— Work instructions —
From the line below that contains "A CAD part, left-side" to the line that contains "In plain terms, the", repeat every line exactly, both ends included, and nothing else.

━━ Data extracts ━━

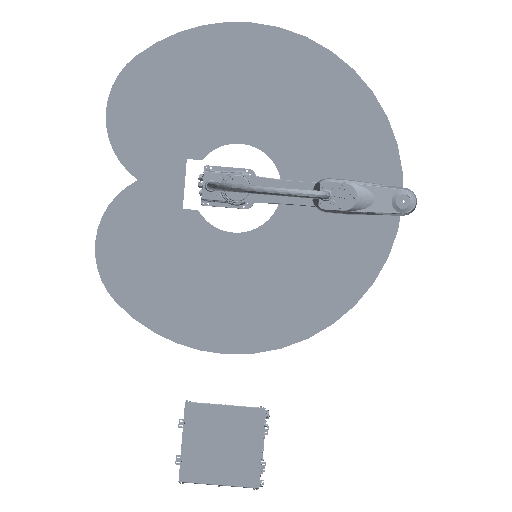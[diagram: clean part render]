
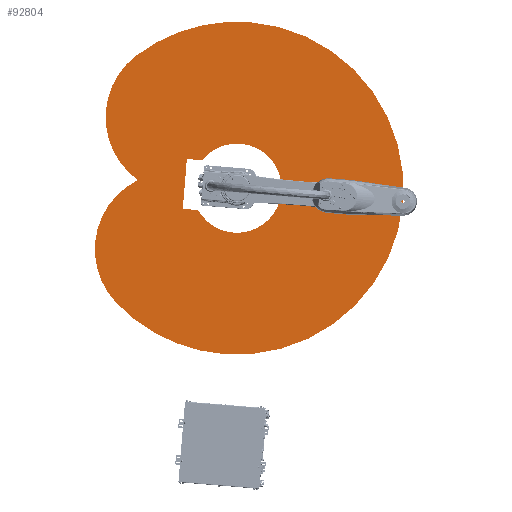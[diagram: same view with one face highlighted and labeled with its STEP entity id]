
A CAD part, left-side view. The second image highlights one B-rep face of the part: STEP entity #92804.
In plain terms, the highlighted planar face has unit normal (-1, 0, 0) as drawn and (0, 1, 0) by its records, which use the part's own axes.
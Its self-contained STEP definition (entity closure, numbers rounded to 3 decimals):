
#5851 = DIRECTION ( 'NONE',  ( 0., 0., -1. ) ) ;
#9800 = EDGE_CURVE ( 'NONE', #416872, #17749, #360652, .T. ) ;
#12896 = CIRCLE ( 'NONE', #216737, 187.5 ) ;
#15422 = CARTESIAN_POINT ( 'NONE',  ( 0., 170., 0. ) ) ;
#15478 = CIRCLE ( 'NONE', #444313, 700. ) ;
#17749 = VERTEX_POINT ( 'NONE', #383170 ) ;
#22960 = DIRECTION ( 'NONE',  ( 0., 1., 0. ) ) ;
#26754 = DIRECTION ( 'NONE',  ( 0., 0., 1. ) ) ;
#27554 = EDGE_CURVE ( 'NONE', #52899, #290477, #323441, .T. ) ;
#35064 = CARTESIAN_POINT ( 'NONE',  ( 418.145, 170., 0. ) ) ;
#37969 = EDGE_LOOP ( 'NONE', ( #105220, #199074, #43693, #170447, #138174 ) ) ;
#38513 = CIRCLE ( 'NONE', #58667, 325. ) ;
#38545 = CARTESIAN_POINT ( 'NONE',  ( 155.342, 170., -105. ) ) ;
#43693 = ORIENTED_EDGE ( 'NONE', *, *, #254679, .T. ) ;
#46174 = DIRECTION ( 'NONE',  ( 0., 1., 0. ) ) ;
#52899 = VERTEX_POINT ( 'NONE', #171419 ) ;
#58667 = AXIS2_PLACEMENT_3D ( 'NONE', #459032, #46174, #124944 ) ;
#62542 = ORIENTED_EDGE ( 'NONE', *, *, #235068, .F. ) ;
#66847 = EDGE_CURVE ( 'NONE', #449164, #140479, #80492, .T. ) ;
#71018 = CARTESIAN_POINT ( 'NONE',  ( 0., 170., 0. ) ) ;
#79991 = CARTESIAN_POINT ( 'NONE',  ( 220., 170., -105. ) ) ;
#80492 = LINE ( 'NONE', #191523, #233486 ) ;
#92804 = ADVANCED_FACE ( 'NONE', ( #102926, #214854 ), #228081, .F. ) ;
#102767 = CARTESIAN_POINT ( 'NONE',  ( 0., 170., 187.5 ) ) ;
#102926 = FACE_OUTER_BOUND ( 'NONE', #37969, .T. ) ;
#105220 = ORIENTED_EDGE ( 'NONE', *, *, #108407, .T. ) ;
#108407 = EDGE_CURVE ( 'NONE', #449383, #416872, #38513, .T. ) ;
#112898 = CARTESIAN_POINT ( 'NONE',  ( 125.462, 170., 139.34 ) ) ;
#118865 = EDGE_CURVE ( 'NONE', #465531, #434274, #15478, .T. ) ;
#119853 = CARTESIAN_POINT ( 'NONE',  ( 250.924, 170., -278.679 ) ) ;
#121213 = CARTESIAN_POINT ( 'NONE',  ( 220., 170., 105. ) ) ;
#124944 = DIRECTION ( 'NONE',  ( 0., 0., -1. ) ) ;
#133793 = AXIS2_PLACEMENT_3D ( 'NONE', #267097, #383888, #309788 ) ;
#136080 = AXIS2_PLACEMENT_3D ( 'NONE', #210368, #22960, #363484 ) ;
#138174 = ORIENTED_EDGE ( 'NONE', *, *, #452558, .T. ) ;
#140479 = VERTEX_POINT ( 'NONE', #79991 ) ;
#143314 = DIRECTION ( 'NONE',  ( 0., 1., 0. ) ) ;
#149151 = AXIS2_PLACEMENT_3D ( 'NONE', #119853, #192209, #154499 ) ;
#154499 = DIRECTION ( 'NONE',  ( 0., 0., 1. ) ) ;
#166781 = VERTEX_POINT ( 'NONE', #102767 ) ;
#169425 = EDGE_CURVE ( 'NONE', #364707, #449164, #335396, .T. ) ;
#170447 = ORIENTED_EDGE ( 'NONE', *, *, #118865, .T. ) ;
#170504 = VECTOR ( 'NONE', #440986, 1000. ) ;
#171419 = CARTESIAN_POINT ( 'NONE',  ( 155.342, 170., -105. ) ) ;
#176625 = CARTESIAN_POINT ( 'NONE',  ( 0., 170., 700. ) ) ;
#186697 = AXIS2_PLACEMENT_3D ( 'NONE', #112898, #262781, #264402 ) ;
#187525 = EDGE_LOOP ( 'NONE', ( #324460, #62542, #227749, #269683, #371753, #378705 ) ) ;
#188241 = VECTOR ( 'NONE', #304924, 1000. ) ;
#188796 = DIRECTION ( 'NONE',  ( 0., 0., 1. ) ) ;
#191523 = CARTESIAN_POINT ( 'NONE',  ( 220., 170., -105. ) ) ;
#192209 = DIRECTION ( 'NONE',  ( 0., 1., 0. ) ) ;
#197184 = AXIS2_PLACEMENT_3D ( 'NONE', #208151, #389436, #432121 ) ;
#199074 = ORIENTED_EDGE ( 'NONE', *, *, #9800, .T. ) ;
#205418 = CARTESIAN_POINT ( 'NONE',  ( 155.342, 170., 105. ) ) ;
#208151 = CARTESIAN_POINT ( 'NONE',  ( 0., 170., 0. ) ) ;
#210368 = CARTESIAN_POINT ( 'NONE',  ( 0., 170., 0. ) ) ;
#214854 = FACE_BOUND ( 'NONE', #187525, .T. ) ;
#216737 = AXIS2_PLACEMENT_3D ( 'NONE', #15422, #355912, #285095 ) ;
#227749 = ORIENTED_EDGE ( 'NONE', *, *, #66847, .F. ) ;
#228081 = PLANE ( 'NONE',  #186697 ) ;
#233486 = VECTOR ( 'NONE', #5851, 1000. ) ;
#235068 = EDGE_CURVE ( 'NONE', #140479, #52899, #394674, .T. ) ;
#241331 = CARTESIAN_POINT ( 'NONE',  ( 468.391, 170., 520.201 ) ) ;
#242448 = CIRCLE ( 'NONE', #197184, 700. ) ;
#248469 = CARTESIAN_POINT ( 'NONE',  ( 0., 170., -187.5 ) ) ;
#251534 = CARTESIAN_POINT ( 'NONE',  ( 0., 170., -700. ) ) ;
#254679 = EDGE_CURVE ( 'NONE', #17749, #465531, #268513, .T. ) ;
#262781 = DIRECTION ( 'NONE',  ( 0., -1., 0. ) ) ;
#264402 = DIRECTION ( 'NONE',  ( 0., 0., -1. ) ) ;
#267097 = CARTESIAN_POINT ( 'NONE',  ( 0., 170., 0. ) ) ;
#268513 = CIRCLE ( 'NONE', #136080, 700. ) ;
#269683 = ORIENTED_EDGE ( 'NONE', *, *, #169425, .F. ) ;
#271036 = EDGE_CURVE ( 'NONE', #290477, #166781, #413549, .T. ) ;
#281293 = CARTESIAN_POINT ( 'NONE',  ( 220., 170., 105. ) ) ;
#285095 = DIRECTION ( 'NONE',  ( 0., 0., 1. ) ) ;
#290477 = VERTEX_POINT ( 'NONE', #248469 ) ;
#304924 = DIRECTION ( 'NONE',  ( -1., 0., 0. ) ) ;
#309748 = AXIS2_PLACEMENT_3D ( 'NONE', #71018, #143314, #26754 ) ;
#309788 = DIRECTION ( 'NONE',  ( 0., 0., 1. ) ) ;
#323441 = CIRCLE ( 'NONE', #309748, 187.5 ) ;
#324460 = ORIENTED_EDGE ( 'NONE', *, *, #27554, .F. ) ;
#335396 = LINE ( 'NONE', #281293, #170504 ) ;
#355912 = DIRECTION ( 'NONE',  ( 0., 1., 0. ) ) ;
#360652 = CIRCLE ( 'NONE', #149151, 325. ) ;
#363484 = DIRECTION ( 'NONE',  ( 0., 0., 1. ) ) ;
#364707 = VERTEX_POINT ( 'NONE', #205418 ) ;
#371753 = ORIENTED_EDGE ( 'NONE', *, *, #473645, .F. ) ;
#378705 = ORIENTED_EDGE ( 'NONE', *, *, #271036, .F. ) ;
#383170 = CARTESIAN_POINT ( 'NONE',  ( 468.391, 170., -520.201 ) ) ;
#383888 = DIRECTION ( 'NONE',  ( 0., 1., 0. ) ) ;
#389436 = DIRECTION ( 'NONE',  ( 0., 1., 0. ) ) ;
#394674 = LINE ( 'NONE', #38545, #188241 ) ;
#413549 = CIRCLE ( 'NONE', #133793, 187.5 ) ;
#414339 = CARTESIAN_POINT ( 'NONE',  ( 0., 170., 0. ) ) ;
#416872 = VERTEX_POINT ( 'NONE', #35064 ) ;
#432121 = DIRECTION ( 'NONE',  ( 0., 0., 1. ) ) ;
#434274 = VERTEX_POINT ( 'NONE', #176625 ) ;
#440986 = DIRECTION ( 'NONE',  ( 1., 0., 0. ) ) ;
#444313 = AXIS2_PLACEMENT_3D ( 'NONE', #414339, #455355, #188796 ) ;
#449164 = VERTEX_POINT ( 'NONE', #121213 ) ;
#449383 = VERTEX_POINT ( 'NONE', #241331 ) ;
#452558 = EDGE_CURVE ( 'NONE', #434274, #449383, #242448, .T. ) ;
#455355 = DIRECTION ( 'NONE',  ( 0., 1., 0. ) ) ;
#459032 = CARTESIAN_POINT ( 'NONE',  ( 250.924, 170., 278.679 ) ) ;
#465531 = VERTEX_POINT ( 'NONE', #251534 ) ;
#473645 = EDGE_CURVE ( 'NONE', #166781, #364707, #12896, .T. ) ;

━━━

— Answer to the exercise —
A CAD part, left-side view. The second image highlights one B-rep face of the part: STEP entity #92804.
In plain terms, the highlighted planar face has unit normal (-1, 0, 0) as drawn and (0, 1, 0) by its records, which use the part's own axes.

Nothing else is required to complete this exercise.